» **Your instructions**:
Look at the entries below and reproduce them exactly.

··········

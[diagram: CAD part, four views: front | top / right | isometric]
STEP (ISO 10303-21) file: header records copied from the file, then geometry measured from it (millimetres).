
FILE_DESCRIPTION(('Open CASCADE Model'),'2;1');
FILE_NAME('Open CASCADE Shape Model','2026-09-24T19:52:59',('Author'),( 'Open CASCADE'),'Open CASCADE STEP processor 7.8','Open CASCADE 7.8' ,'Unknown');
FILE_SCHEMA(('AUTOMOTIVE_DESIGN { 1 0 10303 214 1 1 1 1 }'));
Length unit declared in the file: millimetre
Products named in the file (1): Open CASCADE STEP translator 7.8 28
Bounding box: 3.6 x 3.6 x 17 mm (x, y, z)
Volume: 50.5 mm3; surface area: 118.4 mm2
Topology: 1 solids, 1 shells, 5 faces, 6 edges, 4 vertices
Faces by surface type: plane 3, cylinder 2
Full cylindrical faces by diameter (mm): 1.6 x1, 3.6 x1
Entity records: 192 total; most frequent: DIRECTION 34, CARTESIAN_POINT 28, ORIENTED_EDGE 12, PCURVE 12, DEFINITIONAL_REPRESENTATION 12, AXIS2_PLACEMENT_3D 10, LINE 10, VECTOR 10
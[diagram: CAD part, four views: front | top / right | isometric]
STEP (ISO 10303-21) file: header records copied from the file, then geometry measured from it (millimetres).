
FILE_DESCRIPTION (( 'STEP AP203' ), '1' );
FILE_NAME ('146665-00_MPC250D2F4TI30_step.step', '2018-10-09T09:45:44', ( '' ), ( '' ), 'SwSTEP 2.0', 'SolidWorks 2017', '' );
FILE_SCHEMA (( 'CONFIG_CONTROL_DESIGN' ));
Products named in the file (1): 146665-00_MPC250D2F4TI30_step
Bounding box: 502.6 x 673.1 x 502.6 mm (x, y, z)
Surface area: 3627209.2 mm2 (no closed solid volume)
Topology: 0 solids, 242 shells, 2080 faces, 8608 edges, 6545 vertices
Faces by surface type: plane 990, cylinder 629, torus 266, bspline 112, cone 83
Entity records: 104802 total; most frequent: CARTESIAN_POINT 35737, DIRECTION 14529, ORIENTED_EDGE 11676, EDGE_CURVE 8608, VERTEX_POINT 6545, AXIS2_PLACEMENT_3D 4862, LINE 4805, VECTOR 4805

··········

» **Your solution**:
[diagram: CAD part, four views: front | top / right | isometric]
STEP (ISO 10303-21) file: header records copied from the file, then geometry measured from it (millimetres).
FILE_DESCRIPTION(('Open CASCADE Model'),'2;1');
FILE_NAME('Open CASCADE Shape Model','2026-09-24T19:52:59',('Author'),( 'Open CASCADE'),'Open CASCADE STEP processor 7.8','Open CASCADE 7.8' ,'Unknown');
FILE_SCHEMA(('AUTOMOTIVE_DESIGN { 1 0 10303 214 1 1 1 1 }'));
Length unit declared in the file: millimetre
Products named in the file (1): Open CASCADE STEP translator 7.8 28
Bounding box: 3.6 x 3.6 x 17 mm (x, y, z)
Volume: 50.5 mm3; surface area: 118.4 mm2
Topology: 1 solids, 1 shells, 5 faces, 6 edges, 4 vertices
Faces by surface type: plane 3, cylinder 2
Full cylindrical faces by diameter (mm): 1.6 x1, 3.6 x1
Entity records: 192 total; most frequent: DIRECTION 34, CARTESIAN_POINT 28, ORIENTED_EDGE 12, PCURVE 12, DEFINITIONAL_REPRESENTATION 12, AXIS2_PLACEMENT_3D 10, LINE 10, VECTOR 10
[diagram: CAD part, four views: front | top / right | isometric]
STEP (ISO 10303-21) file: header records copied from the file, then geometry measured from it (millimetres).
FILE_DESCRIPTION (( 'STEP AP203' ), '1' );
FILE_NAME ('146665-00_MPC250D2F4TI30_step.step', '2018-10-09T09:45:44', ( '' ), ( '' ), 'SwSTEP 2.0', 'SolidWorks 2017', '' );
FILE_SCHEMA (( 'CONFIG_CONTROL_DESIGN' ));
Products named in the file (1): 146665-00_MPC250D2F4TI30_step
Bounding box: 502.6 x 673.1 x 502.6 mm (x, y, z)
Surface area: 3627209.2 mm2 (no closed solid volume)
Topology: 0 solids, 242 shells, 2080 faces, 8608 edges, 6545 vertices
Faces by surface type: plane 990, cylinder 629, torus 266, bspline 112, cone 83
Entity records: 104802 total; most frequent: CARTESIAN_POINT 35737, DIRECTION 14529, ORIENTED_EDGE 11676, EDGE_CURVE 8608, VERTEX_POINT 6545, AXIS2_PLACEMENT_3D 4862, LINE 4805, VECTOR 4805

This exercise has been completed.